Why this one in particular? What was the “big” moment of it, the searing into my neuronal self, a notion of memory over time Tor Nørretranders calls permanent reincarnation (www.edge.org/q2008/q08_4.html). Despite the flux of self, I find the memory holding firm in with all the rush-hour riders of my memory coming and going and after the seemingly scarce available seating and standing room space I think of recall. In fact there is plenty of room in the mind. Storage is not the issue. The problem is analogous perhaps to the case of the mobile telephone entertainment business on the verge of taking off as the next big technological thing. As pointed out to me by Neeraj Roy, CEO of one of India’s largest mobile entertainment companies, “The task at hand [to access information] is complex. Over 8000 devices and more than 100 formats to which this content has to be formatted and transcoded. The key [to becoming a business winner] will be search and discovery of content.” Memory, some memory, any memory, survives the onslaught of reformatting and transcoding subjectivity, trauma and delight until the brain fortuitously stores memory with just the right content trigger, whatever that is. Proust called that trigger a madeleine. But I have no idea what madeleine triggers “passengers...”.

The sung sign is a memory heard or felt as if a foghorn inescapable in the night. An apparent random tidbit amid all the clutter when I would rather remember Cole Porter lyrics, the varietals in decent Cotes du Rhone, bibliographic links, poetry, my poetry, timely quotes, timely stats, an endless list of things among which actual memory recall seem in the final analysis few and far between, survivors that seem to wander shellshocked on a battleground of otherwise presumptive cognitive overload.
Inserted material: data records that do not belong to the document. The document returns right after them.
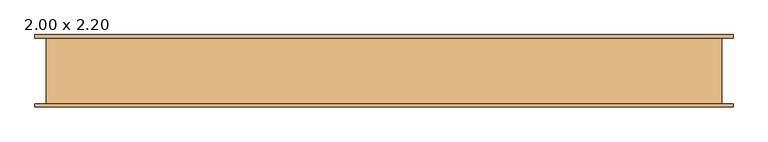
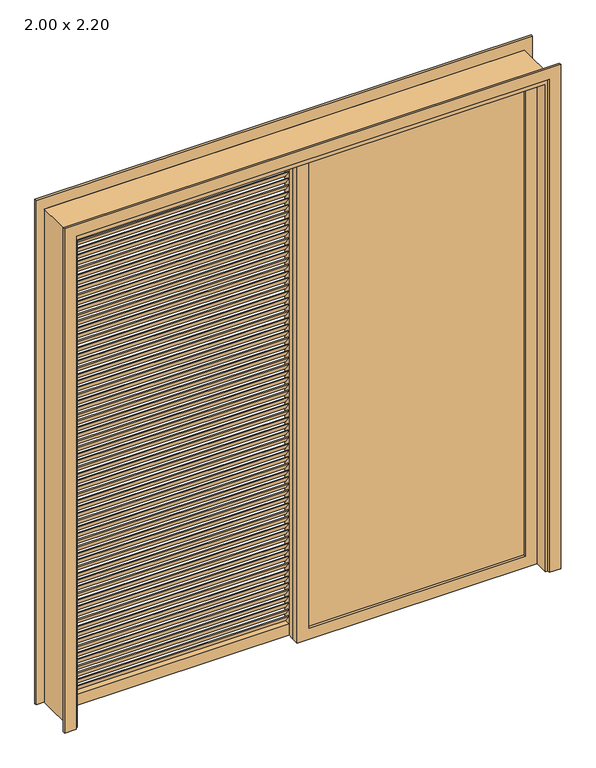
"""IFC4 building model written with IfcOpenShell, lengths in millimetres: door geometry, PORTA_DE_CORRER_3 FOLHAS_VENEZIANA_VIDRO : 2.00 x 2.20."""

from ifc_helpers import new_model, si_unit, frame, origin, place, context, project, spatial, polyline, outline, extrude, source, transform, mapped, element, save


def door_2_00_x_2_20_50220c9b(model_context):
    return source(origin(), model_context, "Body", "SweptSolid", [
        extrude(outline(polyline([(950.0, -26.0), (950.0, -34.0), (25.0, -34.0), (25.0, -26.0), (950.0, -26.0)])), frame((0.0, 0.0, 50.0), z_axis=(0.0, 0.0, 1.0), x_axis=(1.0, 0.0, 0.0)), (0.0, 0.0, 1.0), 2100.0),
        extrude(outline(polyline([(2200.0, 1000.0), (2200.0, -25.0), (0.0, -25.0), (0.0, 1000.0), (2200.0, 1000.0)]), holes=[polyline([(2150.0, 950.0), (50.0, 950.0), (50.0, 25.0), (2150.0, 25.0), (2150.0, 950.0)])]), frame((0.0, -45.0, 0.0), z_axis=(0.0, 1.0, 0.0), x_axis=(0.0, 0.0, 1.0)), (0.0, 0.0, 1.0), 30.0),
        extrude(outline(polyline([(40.0, 2085.0724638), (15.0, 2120.0724638), (20.0, 2120.0724638), (45.0, 2085.0724638), (40.0, 2085.0724638)])), frame((-950.0, 0.0, 0.0), z_axis=(1.0, 0.0, 0.0), x_axis=(0.0, 1.0, 0.0)), (0.0, 0.0, 1.0), 925.0),
        extrude(outline(polyline([(40.0, 2055.1449275), (15.0, 2090.1449275), (20.0, 2090.1449275), (45.0, 2055.1449275), (40.0, 2055.1449275)])), frame((-950.0, 0.0, 0.0), z_axis=(1.0, 0.0, 0.0), x_axis=(0.0, 1.0, 0.0)), (0.0, 0.0, 1.0), 925.0),
        extrude(outline(polyline([(40.0, 2025.2173913), (15.0, 2060.2173913), (20.0, 2060.2173913), (45.0, 2025.2173913), (40.0, 2025.2173913)])), frame((-950.0, 0.0, 0.0), z_axis=(1.0, 0.0, 0.0), x_axis=(0.0, 1.0, 0.0)), (0.0, 0.0, 1.0), 925.0),
        extrude(outline(polyline([(40.0, 1995.2898551), (15.0, 2030.2898551), (20.0, 2030.2898551), (45.0, 1995.2898551), (40.0, 1995.2898551)])), frame((-950.0, 0.0, 0.0), z_axis=(1.0, 0.0, 0.0), x_axis=(0.0, 1.0, 0.0)), (0.0, 0.0, 1.0), 925.0),
        extrude(outline(polyline([(40.0, 1965.3623188), (15.0, 2000.3623188), (20.0, 2000.3623188), (45.0, 1965.3623188), (40.0, 1965.3623188)])), frame((-950.0, 0.0, 0.0), z_axis=(1.0, 0.0, 0.0), x_axis=(0.0, 1.0, 0.0)), (0.0, 0.0, 1.0), 925.0),
        extrude(outline(polyline([(40.0, 1935.4347826), (15.0, 1970.4347826), (20.0, 1970.4347826), (45.0, 1935.4347826), (40.0, 1935.4347826)])), frame((-950.0, 0.0, 0.0), z_axis=(1.0, 0.0, 0.0), x_axis=(0.0, 1.0, 0.0)), (0.0, 0.0, 1.0), 925.0),
        extrude(outline(polyline([(40.0, 1905.5072464), (15.0, 1940.5072464), (20.0, 1940.5072464), (45.0, 1905.5072464), (40.0, 1905.5072464)])), frame((-950.0, 0.0, 0.0), z_axis=(1.0, 0.0, 0.0), x_axis=(0.0, 1.0, 0.0)), (0.0, 0.0, 1.0), 925.0),
        extrude(outline(polyline([(40.0, 1875.5797101), (15.0, 1910.5797101), (20.0, 1910.5797101), (45.0, 1875.5797101), (40.0, 1875.5797101)])), frame((-950.0, 0.0, 0.0), z_axis=(1.0, 0.0, 0.0), x_axis=(0.0, 1.0, 0.0)), (0.0, 0.0, 1.0), 925.0),
        extrude(outline(polyline([(40.0, 1845.6521739), (15.0, 1880.6521739), (20.0, 1880.6521739), (45.0, 1845.6521739), (40.0, 1845.6521739)])), frame((-950.0, 0.0, 0.0), z_axis=(1.0, 0.0, 0.0), x_axis=(0.0, 1.0, 0.0)), (0.0, 0.0, 1.0), 925.0),
        extrude(outline(polyline([(40.0, 1815.7246377), (15.0, 1850.7246377), (20.0, 1850.7246377), (45.0, 1815.7246377), (40.0, 1815.7246377)])), frame((-950.0, 0.0, 0.0), z_axis=(1.0, 0.0, 0.0), x_axis=(0.0, 1.0, 0.0)), (0.0, 0.0, 1.0), 925.0),
        extrude(outline(polyline([(40.0, 1785.7971014), (15.0, 1820.7971014), (20.0, 1820.7971014), (45.0, 1785.7971014), (40.0, 1785.7971014)])), frame((-950.0, 0.0, 0.0), z_axis=(1.0, 0.0, 0.0), x_axis=(0.0, 1.0, 0.0)), (0.0, 0.0, 1.0), 925.0),
        extrude(outline(polyline([(40.0, 1755.8695652), (15.0, 1790.8695652), (20.0, 1790.8695652), (45.0, 1755.8695652), (40.0, 1755.8695652)])), frame((-950.0, 0.0, 0.0), z_axis=(1.0, 0.0, 0.0), x_axis=(0.0, 1.0, 0.0)), (0.0, 0.0, 1.0), 925.0),
        extrude(outline(polyline([(40.0, 1725.942029), (15.0, 1760.942029), (20.0, 1760.942029), (45.0, 1725.942029), (40.0, 1725.942029)])), frame((-950.0, 0.0, 0.0), z_axis=(1.0, 0.0, 0.0), x_axis=(0.0, 1.0, 0.0)), (0.0, 0.0, 1.0), 925.0),
        extrude(outline(polyline([(40.0, 1696.0144928), (15.0, 1731.0144928), (20.0, 1731.0144928), (45.0, 1696.0144928), (40.0, 1696.0144928)])), frame((-950.0, 0.0, 0.0), z_axis=(1.0, 0.0, 0.0), x_axis=(0.0, 1.0, 0.0)), (0.0, 0.0, 1.0), 925.0),
        extrude(outline(polyline([(40.0, 1666.0869565), (15.0, 1701.0869565), (20.0, 1701.0869565), (45.0, 1666.0869565), (40.0, 1666.0869565)])), frame((-950.0, 0.0, 0.0), z_axis=(1.0, 0.0, 0.0), x_axis=(0.0, 1.0, 0.0)), (0.0, 0.0, 1.0), 925.0),
        extrude(outline(polyline([(40.0, 1636.1594203), (15.0, 1671.1594203), (20.0, 1671.1594203), (45.0, 1636.1594203), (40.0, 1636.1594203)])), frame((-950.0, 0.0, 0.0), z_axis=(1.0, 0.0, 0.0), x_axis=(0.0, 1.0, 0.0)), (0.0, 0.0, 1.0), 925.0),
        extrude(outline(polyline([(40.0, 1606.2318841), (15.0, 1641.2318841), (20.0, 1641.2318841), (45.0, 1606.2318841), (40.0, 1606.2318841)])), frame((-950.0, 0.0, 0.0), z_axis=(1.0, 0.0, 0.0), x_axis=(0.0, 1.0, 0.0)), (0.0, 0.0, 1.0), 925.0),
        extrude(outline(polyline([(40.0, 1576.3043478), (15.0, 1611.3043478), (20.0, 1611.3043478), (45.0, 1576.3043478), (40.0, 1576.3043478)])), frame((-950.0, 0.0, 0.0), z_axis=(1.0, 0.0, 0.0), x_axis=(0.0, 1.0, 0.0)), (0.0, 0.0, 1.0), 925.0),
        extrude(outline(polyline([(40.0, 1546.3768116), (15.0, 1581.3768116), (20.0, 1581.3768116), (45.0, 1546.3768116), (40.0, 1546.3768116)])), frame((-950.0, 0.0, 0.0), z_axis=(1.0, 0.0, 0.0), x_axis=(0.0, 1.0, 0.0)), (0.0, 0.0, 1.0), 925.0),
        extrude(outline(polyline([(40.0, 1516.4492754), (15.0, 1551.4492754), (20.0, 1551.4492754), (45.0, 1516.4492754), (40.0, 1516.4492754)])), frame((-950.0, 0.0, 0.0), z_axis=(1.0, 0.0, 0.0), x_axis=(0.0, 1.0, 0.0)), (0.0, 0.0, 1.0), 925.0),
        extrude(outline(polyline([(40.0, 1486.5217391), (15.0, 1521.5217391), (20.0, 1521.5217391), (45.0, 1486.5217391), (40.0, 1486.5217391)])), frame((-950.0, 0.0, 0.0), z_axis=(1.0, 0.0, 0.0), x_axis=(0.0, 1.0, 0.0)), (0.0, 0.0, 1.0), 925.0),
        extrude(outline(polyline([(40.0, 1456.5942029), (15.0, 1491.5942029), (20.0, 1491.5942029), (45.0, 1456.5942029), (40.0, 1456.5942029)])), frame((-950.0, 0.0, 0.0), z_axis=(1.0, 0.0, 0.0), x_axis=(0.0, 1.0, 0.0)), (0.0, 0.0, 1.0), 925.0),
        extrude(outline(polyline([(40.0, 1426.6666667), (15.0, 1461.6666667), (20.0, 1461.6666667), (45.0, 1426.6666667), (40.0, 1426.6666667)])), frame((-950.0, 0.0, 0.0), z_axis=(1.0, 0.0, 0.0), x_axis=(0.0, 1.0, 0.0)), (0.0, 0.0, 1.0), 925.0),
        extrude(outline(polyline([(40.0, 1396.7391304), (15.0, 1431.7391304), (20.0, 1431.7391304), (45.0, 1396.7391304), (40.0, 1396.7391304)])), frame((-950.0, 0.0, 0.0), z_axis=(1.0, 0.0, 0.0), x_axis=(0.0, 1.0, 0.0)), (0.0, 0.0, 1.0), 925.0),
        extrude(outline(polyline([(40.0, 1366.8115942), (15.0, 1401.8115942), (20.0, 1401.8115942), (45.0, 1366.8115942), (40.0, 1366.8115942)])), frame((-950.0, 0.0, 0.0), z_axis=(1.0, 0.0, 0.0), x_axis=(0.0, 1.0, 0.0)), (0.0, 0.0, 1.0), 925.0),
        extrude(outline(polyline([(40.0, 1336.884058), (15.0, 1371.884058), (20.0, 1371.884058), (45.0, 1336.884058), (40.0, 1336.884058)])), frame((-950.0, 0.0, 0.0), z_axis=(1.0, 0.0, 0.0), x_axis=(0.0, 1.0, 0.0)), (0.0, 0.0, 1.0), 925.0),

I try to make sense of things. I am even prepared to accept the defeat of being largely unable to remember the nitty gritty of what I think I would like to remember is still better than a mechanistic memory without cryptic, sometimes revelatory biases, that I have my favorites (though not all of them?), this one pristine, that one challenged as imposter, this one someone else’s, all sticky somehow. And that one on the tip of my tongue and where it’s been for years. I wonder if my learners are like me, coping with memory that has a mind of its own. I suspect they are. Acquisition is a transaction, a sometime thing, a tune you can’t shake. 23 years later, I still got music.